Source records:
===============

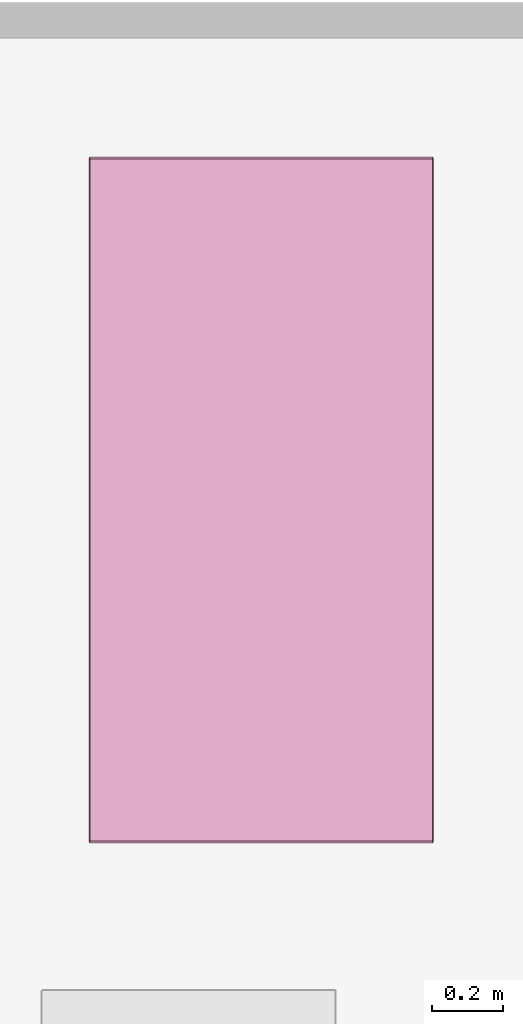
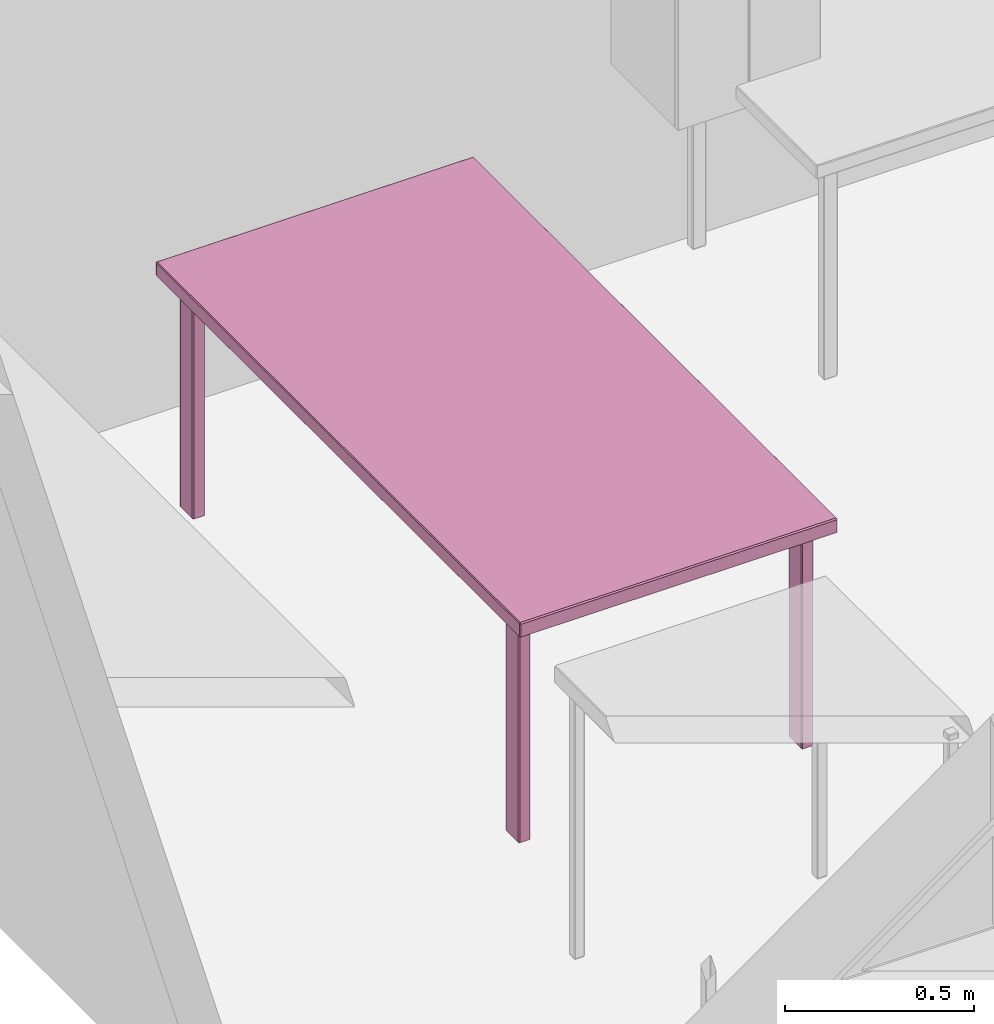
# One storey, part 7 of 9: 1 furnishing.
"""IFC2X3 building model written with IfcOpenShell, lengths in metres."""

import ifcopenshell
import ifcopenshell.guid

model = None  # the IFC model being written
_history = None  # IfcOwnerHistory: only IFC2X3 demands one
_inside = {}  # id of a spatial element -> (the spatial element, [elements in it])
_under = {}  # id of a project, library or spatial element -> (it, [spatial elements below it])
_declared = {}  # id of a project -> (the project, [libraries it declares])
_typed = {}  # id of a type object -> (the type object, [elements of that type])
_made_of = {}  # id of a material, layer set ... -> (it, [elements and type objects made of it])


def new_model(schema):
    """Start an empty IFC model of exactly this schema.

    Asked for "IFC4X3", IfcOpenShell would pick the latest addendum, in which some entities
    have other attributes; the version numbers below select the first issue.
    IFC2X3 requires an IfcOwnerHistory on every rooted entity: one is made here for all.
    """
    global model, _history
    if schema == "IFC4X3":
        model = ifcopenshell.file(schema_version=(4, 3, 0, 0))
    else:
        model = ifcopenshell.file(schema=schema)
    _inside.clear()
    _under.clear()
    _declared.clear()
    _typed.clear()
    _made_of.clear()
    _history = None
    if model.schema == "IFC2X3":
        org = make("IfcOrganization", Name="unknown")
        user = make(
            "IfcPersonAndOrganization",
            ThePerson=make("IfcPerson", FamilyName="unknown"),
            TheOrganization=org,
        )
        app = make(
            "IfcApplication",
            ApplicationDeveloper=org,
            Version="unknown",
            ApplicationFullName="unknown",
            ApplicationIdentifier="unknown",
        )
        _history = make(
            "IfcOwnerHistory",
            OwningUser=user,
            OwningApplication=app,
            ChangeAction="ADDED",
            CreationDate=0,
        )
    return model


def make(cls, **values):
    """One entity of the class cls with the attributes given. An attribute that is None is left unset."""
    return model.create_entity(
        cls, **{name: value for name, value in values.items() if value is not None}
    )


def rooted(cls, **values):
    """An entity with a GlobalId (a new one), such as an element, a storey or a relation."""
    return make(cls, GlobalId=ifcopenshell.guid.new(), OwnerHistory=_history, **values)


def si_unit(unit_type, name, prefix=None):
    """IfcSIUnit, for example si_unit("LENGTHUNIT", "METRE", prefix="MILLI")."""
    return make("IfcSIUnit", UnitType=unit_type, Prefix=prefix, Name=name)


def assignment(units):
    """IfcUnitAssignment: the units of a project."""
    return None if units is None else make("IfcUnitAssignment", Units=units)


def point(xyz):
    """IfcCartesianPoint."""
    return None if xyz is None else make("IfcCartesianPoint", Coordinates=xyz)


def direction(xyz):
    """IfcDirection."""
    return None if xyz is None else make("IfcDirection", DirectionRatios=xyz)


def frame(location, z_axis=None, x_axis=None):
    """IfcAxis2Placement3D, a coordinate frame: its origin and axes. An axis left out is left unset."""
    return make(
        "IfcAxis2Placement3D",
        Location=point(location),
        Axis=direction(z_axis),
        RefDirection=direction(x_axis),
    )


def origin_with_axes():
    """The frame at (0, 0, 0) with the z axis (0, 0, 1) and the x axis (1, 0, 0) written out."""
    return frame((0.0, 0.0, 0.0), z_axis=(0.0, 0.0, 1.0), x_axis=(1.0, 0.0, 0.0))


def place(relative_to, where):
    """IfcLocalPlacement: puts the frame where relative to a parent placement (None: the world)."""
    return make(
        "IfcLocalPlacement", PlacementRelTo=relative_to, RelativePlacement=where
    )


def context(
    kind, dimensions, precision=None, world=None, true_north=None, identifier=None
):
    """IfcGeometricRepresentationContext, for example the 3D "Model" context."""
    return make(
        "IfcGeometricRepresentationContext",
        ContextIdentifier=identifier,
        ContextType=kind,
        CoordinateSpaceDimension=dimensions,
        Precision=precision,
        WorldCoordinateSystem=world,
        TrueNorth=true_north,
    )


def project(units=None, contexts=None):
    """IfcProject with its units and contexts."""
    return rooted(
        "IfcProject",
        Name="project",
        RepresentationContexts=contexts,
        UnitsInContext=assignment(units),
    )


def spatial(cls, under=None, at=None, **own):
    """A site, building, storey or space (cls), placed at a placement, below another one or the project."""
    s = rooted(cls, ObjectPlacement=at, **own)
    if under is not None:
        _under.setdefault(under.id(), (under, []))[1].append(s)
    return s


def faces_of(points, faces, orient=None, outer=None):
    """IfcFace entities. A face is a list of loops; a loop is a list of indices into points, from 0.

    orient and outer hold one flag for each loop. By default every Orientation is true, the
    first loop of a face is its IfcFaceOuterBound and the others are IfcFaceBound.
    """
    made = []
    for i, loops in enumerate(faces):
        bounds = []
        for j, loop in enumerate(loops):
            is_outer = j == 0 if outer is None else outer[i][j]
            bounds.append(
                make(
                    "IfcFaceOuterBound" if is_outer else "IfcFaceBound",
                    Bound=make("IfcPolyLoop", Polygon=[points[k] for k in loop]),
                    Orientation=True if orient is None else orient[i][j],
                )
            )
        made.append(make("IfcFace", Bounds=bounds))
    return made


def faceted_brep(points, faces, orient=None, outer=None, voids=None):
    """IfcFacetedBrep: a solid bounded by flat faces; with voids (closed shells), ...WithVoids."""
    shared = [point(p) for p in points]
    hull = make("IfcClosedShell", CfsFaces=faces_of(shared, faces, orient, outer))
    if voids is None:
        return make("IfcFacetedBrep", Outer=hull)
    return make(
        "IfcFacetedBrepWithVoids",
        Outer=hull,
        Voids=[
            make(cls, CfsFaces=faces_of(shared, fs, o, b)) for cls, fs, o, b in voids
        ],
    )


def shape(context_of_items, identifier, shape_type, items):
    """IfcShapeRepresentation: the items that make up one representation, for example the "Body"."""
    return make(
        "IfcShapeRepresentation",
        ContextOfItems=context_of_items,
        RepresentationIdentifier=identifier,
        RepresentationType=shape_type,
        Items=items,
    )


def made_of(thing, what):
    """Note that an element or type object is made of a material, layer set ...; save() writes the relation."""
    if what is not None:
        _made_of.setdefault(what.id(), (what, []))[1].append(thing)
    return thing


def type_object(cls, material=None, **own):
    """A type object (cls), such as IfcWallType, which elements share."""
    return made_of(rooted(cls, **own), material)


def element(
    cls,
    number,
    at=None,
    inside=None,
    cuts=None,
    type_object=None,
    material=None,
    context=None,
    identifier="Body",
    shape_type=None,
    held_by="IfcProductDefinitionShape",
    body=None,
    shapes=None,
    **own,
):
    """One element of the class cls, such as IfcWall. Its Tag is "e" and its number.

    at: its placement. inside: the storey or other place that contains it. cuts: it is an
    opening in that element (IfcRelVoidsElement). A single representation is given by context,
    identifier, shape_type and body (its items); several are given by shapes. held_by: the class
    of the entity that holds the representations. save() writes the other relations.
    """
    e = rooted(cls, Tag="e%d" % number, ObjectPlacement=at, **own)
    if body is not None:
        shapes = [shape(context, identifier, shape_type, body)]
    if shapes is not None:
        e.Representation = make(held_by, Representations=shapes)
    if inside is not None:
        _inside.setdefault(inside.id(), (inside, []))[1].append(e)
    if cuts is not None:
        rooted(
            "IfcRelVoidsElement", RelatingBuildingElement=cuts, RelatedOpeningElement=e
        )
    if type_object is not None:
        _typed.setdefault(type_object.id(), (type_object, []))[1].append(e)
    return made_of(e, material)


def aggregate(whole, parts):
    """IfcRelAggregates: a whole, such as a stair, and the parts it consists of."""
    return rooted("IfcRelAggregates", RelatingObject=whole, RelatedObjects=parts)


def save(model, path):
    """Write the relations noted so far, then the file.

    IfcRelAggregates (storeys below a building ...), IfcRelContainedInSpatialStructure (elements
    in a storey), IfcRelDefinesByType, IfcRelAssociatesMaterial and IfcRelDeclares: one each for
    every whole, place, type object, material and project.
    """
    for whole, parts in _under.values():
        aggregate(whole, parts)
    for where, things in _inside.values():
        rooted(
            "IfcRelContainedInSpatialStructure",
            RelatedElements=things,
            RelatingStructure=where,
        )
    for kind, things in _typed.values():
        rooted("IfcRelDefinesByType", RelatedObjects=things, RelatingType=kind)
    for what, things in _made_of.values():
        rooted("IfcRelAssociatesMaterial", RelatedObjects=things, RelatingMaterial=what)
    for by, libraries in _declared.values():
        rooted("IfcRelDeclares", RelatingContext=by, RelatedDefinitions=libraries)
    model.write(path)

===============

-- WHAT THE TASK REQUIRES --
Could you restate, word for word, every line from the one containing "return made_of(e, material)" through the last line of the records above, and nothing more?

-- RESPONSE FOR THIS EXERCISE --
    return made_of(e, material)


def aggregate(whole, parts):
    """IfcRelAggregates: a whole, such as a stair, and the parts it consists of."""
    return rooted("IfcRelAggregates", RelatingObject=whole, RelatedObjects=parts)


def save(model, path):
    """Write the relations noted so far, then the file.

    IfcRelAggregates (storeys below a building ...), IfcRelContainedInSpatialStructure (elements
    in a storey), IfcRelDefinesByType, IfcRelAssociatesMaterial and IfcRelDeclares: one each for
    every whole, place, type object, material and project.
    """
    for whole, parts in _under.values():
        aggregate(whole, parts)
    for where, things in _inside.values():
        rooted(
            "IfcRelContainedInSpatialStructure",
            RelatedElements=things,
            RelatingStructure=where,
        )
    for kind, things in _typed.values():
        rooted("IfcRelDefinesByType", RelatedObjects=things, RelatingType=kind)
    for what, things in _made_of.values():
        rooted("IfcRelAssociatesMaterial", RelatedObjects=things, RelatingMaterial=what)
    for by, libraries in _declared.values():
        rooted("IfcRelDeclares", RelatingContext=by, RelatedDefinitions=libraries)
    model.write(path)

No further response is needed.